### TRY IT
Working from the records below, repeat exactly the lines starting at the line that contains "#9796=ORIENTED_EDGE('',*,*,#7118,.T.);" and ending at the line that contains "#15793=DIRECTION('center_axis',(-1.,0.,0.));", inclusive.

### DATA
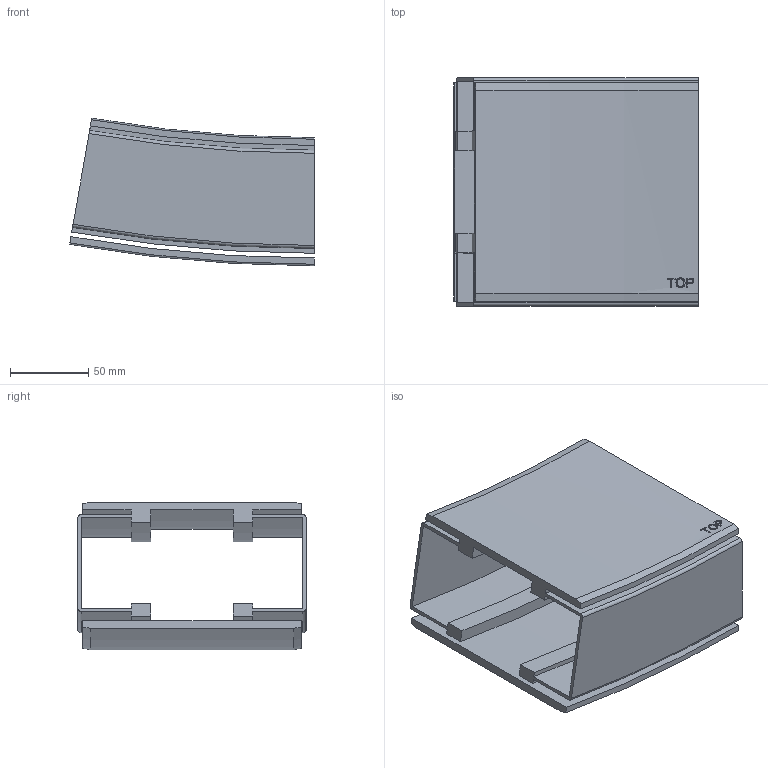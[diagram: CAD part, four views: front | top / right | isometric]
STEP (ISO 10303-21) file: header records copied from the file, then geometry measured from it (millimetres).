
FILE_DESCRIPTION(/* description */ ('VERTIKALKURVA S540 R860'),/* implementation_level */ '2;1');
FILE_NAME(/* name */ '540-5695+140-2000-UPP-01.stp',/* time_stamp */ '2022-09-21T11:07:42+02:00',/* author */ ('Mathias.Dore'),/* organization */ ('CARRYLINE'),/* preprocessor_version */ 'ST-DEVELOPER v19.2',/* originating_system */ 'Autodesk Inventor 2023',/* authorisation */ '');
FILE_SCHEMA (('AUTOMOTIVE_DESIGN { 1 0 10303 214 3 1 1 }'));
Length unit declared in the file: millimetre
Products named in the file (1): 540-5695+140-2000-UPP-01
Bounding box: 156.72 x 146 x 94.47 mm (x, y, z)
Volume: 344771.2 mm3; surface area: 183210.7 mm2
Topology: 2 solids, 2 shells, 87 faces, 234 edges, 156 vertices
Faces by surface type: plane 40, cylinder 25, bspline 14, cone 4, torus 4
Entity records: 7369 total; most frequent: CARTESIAN_POINT 5170, ORIENTED_EDGE 468, DIRECTION 408, EDGE_CURVE 234, VERTEX_POINT 156, AXIS2_PLACEMENT_3D 141, LINE 126, VECTOR 126
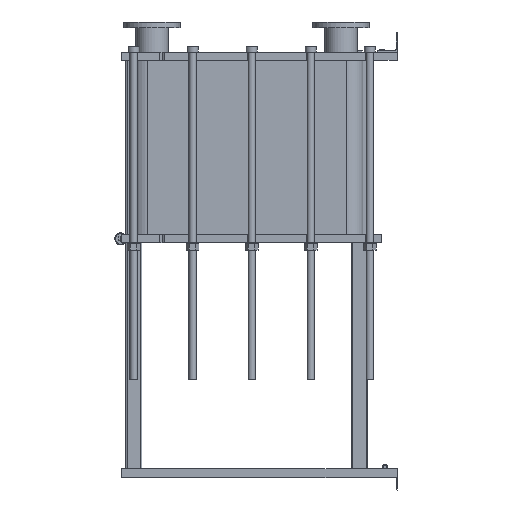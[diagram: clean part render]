
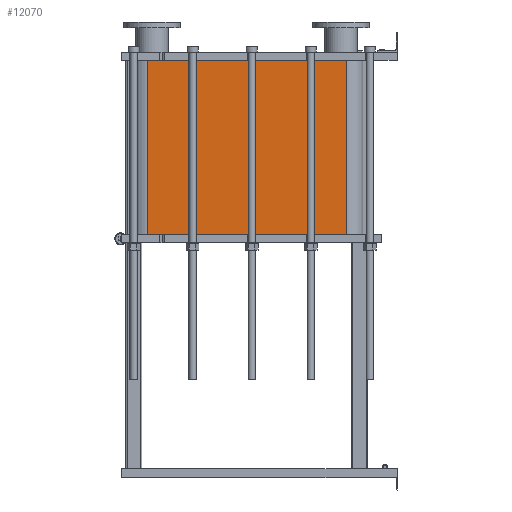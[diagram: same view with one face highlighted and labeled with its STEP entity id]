
A CAD part, left-side view. The second image highlights one B-rep face of the part: STEP entity #12070.
In plain terms, the highlighted planar face has unit normal (-1, 0, 0).
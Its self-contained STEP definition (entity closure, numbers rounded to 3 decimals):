
#1064=LINE('',#21140,#2164);
#1065=LINE('',#21144,#2165);
#1066=LINE('',#21146,#2166);
#1067=LINE('',#21147,#2167);
#2164=VECTOR('',#15790,10.);
#2165=VECTOR('',#15795,10.);
#2166=VECTOR('',#15796,10.);
#2167=VECTOR('',#15797,10.);
#3304=FACE_OUTER_BOUND('',#4091,.T.);
#4091=EDGE_LOOP('',(#9793,#9794,#9795,#9796));
#5677=VERTEX_POINT('',#21137);
#5678=VERTEX_POINT('',#21139);
#5679=VERTEX_POINT('',#21143);
#5680=VERTEX_POINT('',#21145);
#7118=EDGE_CURVE('',#5678,#5677,#1064,.T.);
#7120=EDGE_CURVE('',#5677,#5679,#1065,.T.);
#7121=EDGE_CURVE('',#5680,#5679,#1066,.T.);
#7122=EDGE_CURVE('',#5680,#5678,#1067,.T.);
#9793=ORIENTED_EDGE('',*,*,#7120,.T.);
#9794=ORIENTED_EDGE('',*,*,#7121,.F.);
#9795=ORIENTED_EDGE('',*,*,#7122,.T.);
#9796=ORIENTED_EDGE('',*,*,#7118,.T.);
#11441=PLANE('',#13191);
#12070=ADVANCED_FACE('',(#3304),#11441,.T.);
#13191=AXIS2_PLACEMENT_3D('',#21142,#15793,#15794);
#15790=DIRECTION('',(0.,0.,-1.));
#15793=DIRECTION('center_axis',(-1.,0.,0.));
#15794=DIRECTION('ref_axis',(0.,1.,0.));
#15795=DIRECTION('',(0.,-1.,0.));
#15796=DIRECTION('',(0.,0.,-1.));
#15797=DIRECTION('',(0.,1.,0.));
#21137=CARTESIAN_POINT('',(-248.152,1243.818,-869.4));
#21139=CARTESIAN_POINT('',(-248.152,1243.818,0.));
#21140=CARTESIAN_POINT('',(-248.152,1243.818,0.));
#21142=CARTESIAN_POINT('Origin',(-248.152,251.818,0.));
#21143=CARTESIAN_POINT('',(-248.152,251.818,-869.4));
#21144=CARTESIAN_POINT('',(-248.152,499.818,-869.4));
#21145=CARTESIAN_POINT('',(-248.152,251.818,0.));
#21146=CARTESIAN_POINT('',(-248.152,251.818,0.));
#21147=CARTESIAN_POINT('',(-248.152,251.818,0.));
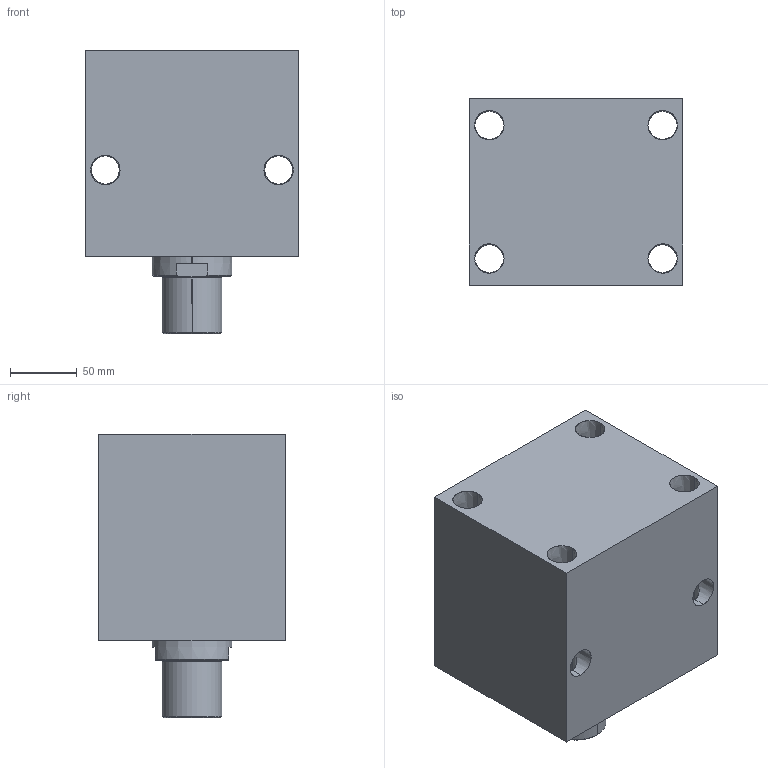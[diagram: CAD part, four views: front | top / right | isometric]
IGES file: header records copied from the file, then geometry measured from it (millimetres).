
Start section: SolidWorks IGES file using analytic representation for surfaces
Global section: file name: D:\karuppas\Clasp\3D model\Block cylinder B01C-Male thread - Copy\B01C-975M\Block cylinder B01C-975M.IGS; native system: SolidWorks 2017; preprocessor: SolidWorks 2017; author: pc; date: 220709.235217; units: millimetre
Bounding box: 160 x 140 x 213 mm (x, y, z)
Surface area: 242409 mm2 (no closed solid volume)
Topology: 0 solids, 0 shells, 352 faces, 5463 edges, 5459 vertices
Faces by surface type: bspline 298, revolution 54

### RESPONSE
#9796=ORIENTED_EDGE('',*,*,#7118,.T.);
#11441=PLANE('',#13191);
#12070=ADVANCED_FACE('',(#3304),#11441,.T.);
#13191=AXIS2_PLACEMENT_3D('',#21142,#15793,#15794);
#15790=DIRECTION('',(0.,0.,-1.));
#15793=DIRECTION('center_axis',(-1.,0.,0.));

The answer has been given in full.